Bignonias are spectacular climbers

BIGNONIAS: Come into their own.

BIGNONIAS as a family come into their own in the autumn after the first rains have dampened the roots and temperatures have dropped five degrees or more.

The exuberant pink flowered Podranea ricasoliana, pink Contesa Sara trumpet vine can be seen climbing over walls, climbing through the upper growth of tall trees, covering dead trees and gazebos and even covering entire houses if let rip some years ago with no annual pruning except around doorways and windows.

This bignonia can also be used for ground cover as an almost entirely pink carpet on a bank or flat ground. In general it will flower until the first frosts and is best given a heavy winter prune each year.

The quieter evergreen Pandorea jasminoides, Bower vine, with white or pink flowers is sedate in comparison and makes a neat statement if trained in the style of a stephanotis on a wall or trained up through the leaves of a moderate sized carob tree to flower on the top like snow on the peak of a mountain. Mine I just prune to keep tidy throughout the year.

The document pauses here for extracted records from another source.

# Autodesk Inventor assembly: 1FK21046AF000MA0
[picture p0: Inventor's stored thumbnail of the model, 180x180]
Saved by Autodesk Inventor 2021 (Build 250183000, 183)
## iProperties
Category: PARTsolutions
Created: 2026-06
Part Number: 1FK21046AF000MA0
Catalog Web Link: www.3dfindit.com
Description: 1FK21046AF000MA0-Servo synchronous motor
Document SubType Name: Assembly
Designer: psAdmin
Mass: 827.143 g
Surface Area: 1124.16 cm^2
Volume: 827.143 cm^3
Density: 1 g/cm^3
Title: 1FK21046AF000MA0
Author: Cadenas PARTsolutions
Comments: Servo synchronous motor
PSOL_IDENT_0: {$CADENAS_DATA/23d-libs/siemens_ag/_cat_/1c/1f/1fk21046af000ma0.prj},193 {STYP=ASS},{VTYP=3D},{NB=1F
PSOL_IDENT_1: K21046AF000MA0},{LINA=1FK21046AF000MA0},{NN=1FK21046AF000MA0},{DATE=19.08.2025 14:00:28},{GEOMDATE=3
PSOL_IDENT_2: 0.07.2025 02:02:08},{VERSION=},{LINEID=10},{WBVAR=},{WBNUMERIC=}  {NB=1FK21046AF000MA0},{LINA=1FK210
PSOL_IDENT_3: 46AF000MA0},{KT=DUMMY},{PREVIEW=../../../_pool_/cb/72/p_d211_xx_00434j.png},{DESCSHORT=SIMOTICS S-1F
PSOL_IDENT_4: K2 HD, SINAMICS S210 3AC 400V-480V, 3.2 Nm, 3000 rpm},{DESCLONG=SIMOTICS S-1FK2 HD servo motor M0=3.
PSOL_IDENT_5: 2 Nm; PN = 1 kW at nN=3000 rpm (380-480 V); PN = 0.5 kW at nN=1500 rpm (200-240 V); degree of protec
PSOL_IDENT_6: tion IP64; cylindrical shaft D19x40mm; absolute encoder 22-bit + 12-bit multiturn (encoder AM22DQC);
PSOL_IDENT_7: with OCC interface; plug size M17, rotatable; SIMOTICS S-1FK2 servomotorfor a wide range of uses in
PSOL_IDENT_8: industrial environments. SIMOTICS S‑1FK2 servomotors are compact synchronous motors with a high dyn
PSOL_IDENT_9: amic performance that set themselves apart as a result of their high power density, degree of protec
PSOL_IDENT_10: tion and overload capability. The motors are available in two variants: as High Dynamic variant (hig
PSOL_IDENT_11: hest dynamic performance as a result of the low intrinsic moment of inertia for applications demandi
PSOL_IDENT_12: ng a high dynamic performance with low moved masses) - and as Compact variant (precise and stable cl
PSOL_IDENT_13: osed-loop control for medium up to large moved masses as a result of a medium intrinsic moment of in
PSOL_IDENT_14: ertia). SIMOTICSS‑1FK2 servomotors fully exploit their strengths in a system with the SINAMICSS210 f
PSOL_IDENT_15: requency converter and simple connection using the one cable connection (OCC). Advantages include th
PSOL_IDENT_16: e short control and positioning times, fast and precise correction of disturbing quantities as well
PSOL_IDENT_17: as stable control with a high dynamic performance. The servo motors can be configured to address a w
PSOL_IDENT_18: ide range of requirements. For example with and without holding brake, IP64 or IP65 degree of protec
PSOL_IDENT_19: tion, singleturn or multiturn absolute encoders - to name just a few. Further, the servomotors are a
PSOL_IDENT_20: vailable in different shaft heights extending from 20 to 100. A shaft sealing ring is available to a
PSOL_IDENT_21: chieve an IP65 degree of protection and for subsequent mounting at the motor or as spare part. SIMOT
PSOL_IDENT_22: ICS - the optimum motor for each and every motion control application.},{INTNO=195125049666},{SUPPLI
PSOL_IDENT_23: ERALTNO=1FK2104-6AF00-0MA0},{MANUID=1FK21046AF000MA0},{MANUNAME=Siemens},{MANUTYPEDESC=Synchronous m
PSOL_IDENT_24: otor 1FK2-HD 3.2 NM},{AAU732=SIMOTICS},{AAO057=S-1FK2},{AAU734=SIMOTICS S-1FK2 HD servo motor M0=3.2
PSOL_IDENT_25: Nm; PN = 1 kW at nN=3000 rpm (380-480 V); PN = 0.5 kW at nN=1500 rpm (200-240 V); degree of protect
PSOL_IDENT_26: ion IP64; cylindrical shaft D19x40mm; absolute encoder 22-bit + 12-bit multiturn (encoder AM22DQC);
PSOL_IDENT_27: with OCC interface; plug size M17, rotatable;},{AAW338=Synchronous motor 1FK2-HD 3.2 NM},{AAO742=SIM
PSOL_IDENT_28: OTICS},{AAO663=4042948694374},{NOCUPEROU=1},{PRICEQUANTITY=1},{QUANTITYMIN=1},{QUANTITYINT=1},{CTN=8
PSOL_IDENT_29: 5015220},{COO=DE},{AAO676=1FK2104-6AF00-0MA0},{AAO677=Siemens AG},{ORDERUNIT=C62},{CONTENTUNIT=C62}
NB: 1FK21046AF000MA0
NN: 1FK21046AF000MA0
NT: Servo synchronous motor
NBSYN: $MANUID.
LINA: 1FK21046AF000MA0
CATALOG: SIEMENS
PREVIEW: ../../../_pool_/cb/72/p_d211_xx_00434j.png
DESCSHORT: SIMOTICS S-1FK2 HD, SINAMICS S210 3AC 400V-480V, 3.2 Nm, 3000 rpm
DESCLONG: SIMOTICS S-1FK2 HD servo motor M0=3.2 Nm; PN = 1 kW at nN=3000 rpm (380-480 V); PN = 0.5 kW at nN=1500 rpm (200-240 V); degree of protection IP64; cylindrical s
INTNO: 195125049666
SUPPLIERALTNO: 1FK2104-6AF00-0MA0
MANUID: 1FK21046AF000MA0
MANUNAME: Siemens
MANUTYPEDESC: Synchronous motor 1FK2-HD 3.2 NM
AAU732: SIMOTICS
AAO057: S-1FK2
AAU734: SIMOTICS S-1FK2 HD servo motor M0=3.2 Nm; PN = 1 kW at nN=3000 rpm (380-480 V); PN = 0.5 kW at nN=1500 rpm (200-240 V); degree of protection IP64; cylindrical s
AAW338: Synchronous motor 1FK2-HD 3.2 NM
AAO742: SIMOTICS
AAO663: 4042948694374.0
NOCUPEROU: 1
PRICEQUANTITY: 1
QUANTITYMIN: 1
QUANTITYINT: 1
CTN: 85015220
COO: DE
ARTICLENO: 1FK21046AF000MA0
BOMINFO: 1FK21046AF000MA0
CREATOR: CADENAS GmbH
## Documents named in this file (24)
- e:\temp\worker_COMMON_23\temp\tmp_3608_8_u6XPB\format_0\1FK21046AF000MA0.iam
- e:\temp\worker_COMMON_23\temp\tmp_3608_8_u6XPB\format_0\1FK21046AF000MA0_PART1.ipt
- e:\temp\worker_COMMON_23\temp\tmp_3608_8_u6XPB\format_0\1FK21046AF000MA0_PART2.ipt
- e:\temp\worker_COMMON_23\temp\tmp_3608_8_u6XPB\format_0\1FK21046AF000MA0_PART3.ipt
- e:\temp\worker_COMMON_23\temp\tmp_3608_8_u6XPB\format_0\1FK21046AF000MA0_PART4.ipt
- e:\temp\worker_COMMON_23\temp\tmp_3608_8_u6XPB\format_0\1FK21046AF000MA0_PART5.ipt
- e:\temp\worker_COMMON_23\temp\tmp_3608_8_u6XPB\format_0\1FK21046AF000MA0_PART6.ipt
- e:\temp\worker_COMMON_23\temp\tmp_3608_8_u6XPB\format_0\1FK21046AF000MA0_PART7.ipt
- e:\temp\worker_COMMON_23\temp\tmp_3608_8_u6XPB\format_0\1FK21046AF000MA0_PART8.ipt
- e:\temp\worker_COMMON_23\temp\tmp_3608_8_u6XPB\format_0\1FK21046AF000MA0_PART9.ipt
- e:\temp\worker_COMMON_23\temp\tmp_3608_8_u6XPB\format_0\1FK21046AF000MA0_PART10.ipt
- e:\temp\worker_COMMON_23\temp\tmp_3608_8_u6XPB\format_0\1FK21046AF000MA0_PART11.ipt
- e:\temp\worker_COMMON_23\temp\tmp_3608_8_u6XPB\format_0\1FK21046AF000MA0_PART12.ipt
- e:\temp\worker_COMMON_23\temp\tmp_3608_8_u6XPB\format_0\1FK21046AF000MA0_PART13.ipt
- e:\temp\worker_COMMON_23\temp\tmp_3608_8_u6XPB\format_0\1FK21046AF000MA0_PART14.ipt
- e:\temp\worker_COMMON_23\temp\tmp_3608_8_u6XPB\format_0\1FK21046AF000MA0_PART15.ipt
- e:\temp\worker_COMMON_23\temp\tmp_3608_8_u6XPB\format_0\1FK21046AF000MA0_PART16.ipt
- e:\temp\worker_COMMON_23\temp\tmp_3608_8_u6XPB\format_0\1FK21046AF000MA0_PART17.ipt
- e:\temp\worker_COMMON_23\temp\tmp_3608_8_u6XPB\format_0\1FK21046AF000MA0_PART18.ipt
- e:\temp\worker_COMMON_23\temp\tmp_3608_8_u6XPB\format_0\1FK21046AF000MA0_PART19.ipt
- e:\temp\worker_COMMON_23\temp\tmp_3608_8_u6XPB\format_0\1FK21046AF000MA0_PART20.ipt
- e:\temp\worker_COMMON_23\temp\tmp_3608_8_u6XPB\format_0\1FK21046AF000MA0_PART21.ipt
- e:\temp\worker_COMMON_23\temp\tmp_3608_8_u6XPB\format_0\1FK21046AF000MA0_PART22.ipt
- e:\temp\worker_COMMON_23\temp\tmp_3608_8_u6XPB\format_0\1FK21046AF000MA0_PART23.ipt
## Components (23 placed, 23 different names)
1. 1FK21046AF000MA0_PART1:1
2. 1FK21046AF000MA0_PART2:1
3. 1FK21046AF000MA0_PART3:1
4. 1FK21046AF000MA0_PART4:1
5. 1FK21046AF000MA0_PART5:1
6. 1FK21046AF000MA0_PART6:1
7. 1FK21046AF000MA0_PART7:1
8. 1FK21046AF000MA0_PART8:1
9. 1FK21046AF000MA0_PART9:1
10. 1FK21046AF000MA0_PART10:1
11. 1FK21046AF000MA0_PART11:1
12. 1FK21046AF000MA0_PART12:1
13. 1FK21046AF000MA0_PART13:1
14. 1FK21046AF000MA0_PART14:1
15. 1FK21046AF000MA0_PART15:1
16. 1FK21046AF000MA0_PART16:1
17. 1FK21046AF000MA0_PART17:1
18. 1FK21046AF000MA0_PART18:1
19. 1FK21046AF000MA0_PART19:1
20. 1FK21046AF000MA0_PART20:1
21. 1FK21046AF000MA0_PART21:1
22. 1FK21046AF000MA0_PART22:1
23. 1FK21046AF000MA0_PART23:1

There are still bright red orange waxy flowers on Campis grandiflora, Chinese trumpet vines but since this variety does flower throughout the summer it is past its best in most gardens. However it only grows to a couple of metres so a dead heading is possible and this will still stimulate some new flowering shoots.

The last to flower are the less exuberant red, orange and yellow Tecomaria capensis, Cape honeysuckle, plants. In general these make colourful statements in mixed hedgerows or on the walls of houses or sheds. But with patience they can be trained to grow through open medium sized trees such as half dead pine trees.

New plants can be propagated by burying the end of new growth into the ground or into compost filled pots. Cuttings can also be successful.

So added to climbing bougainvilleas, jasmines and  passion flowers the vertical dimensions of Spanish gardens are a delight at present and can continue for many weeks along the coast and in inland valleys.

Lower down the heart of gardens are also colourful with strongly growing autumn flowering sages, tulbaghias or society garlics, marsh hibiscus in the shallows of ponds, euryops, margeritas, leonotis, lantanas of all colours and heights, late flowering lavenders and roses , multi-mixed coloured mirabilis etc. It is still dark being early morning so I cannot wander round the garden to see what I have forgotten.

And of course the autumn garden is not only colourful but also productive. In my case tomatoes, peppers, aubergines, courgettes, onions, carrots, radishes, lettuces, cauliflowers and a good mix of tasty basils are currently being harvested from raised beds and builders buckets. The 800 square metre allotment was given up a year ago as now approaching 80 years of age, an increase of thievery, tribes of roaming wild boar now that a decreasing number of hunters can’t control their numbers, and kilos of wind-blown and water-borne weed seeds make the once very productive vegetable growing campo around our village both physically and  economically non-viable. Sadly it is now almost entirely abandoned.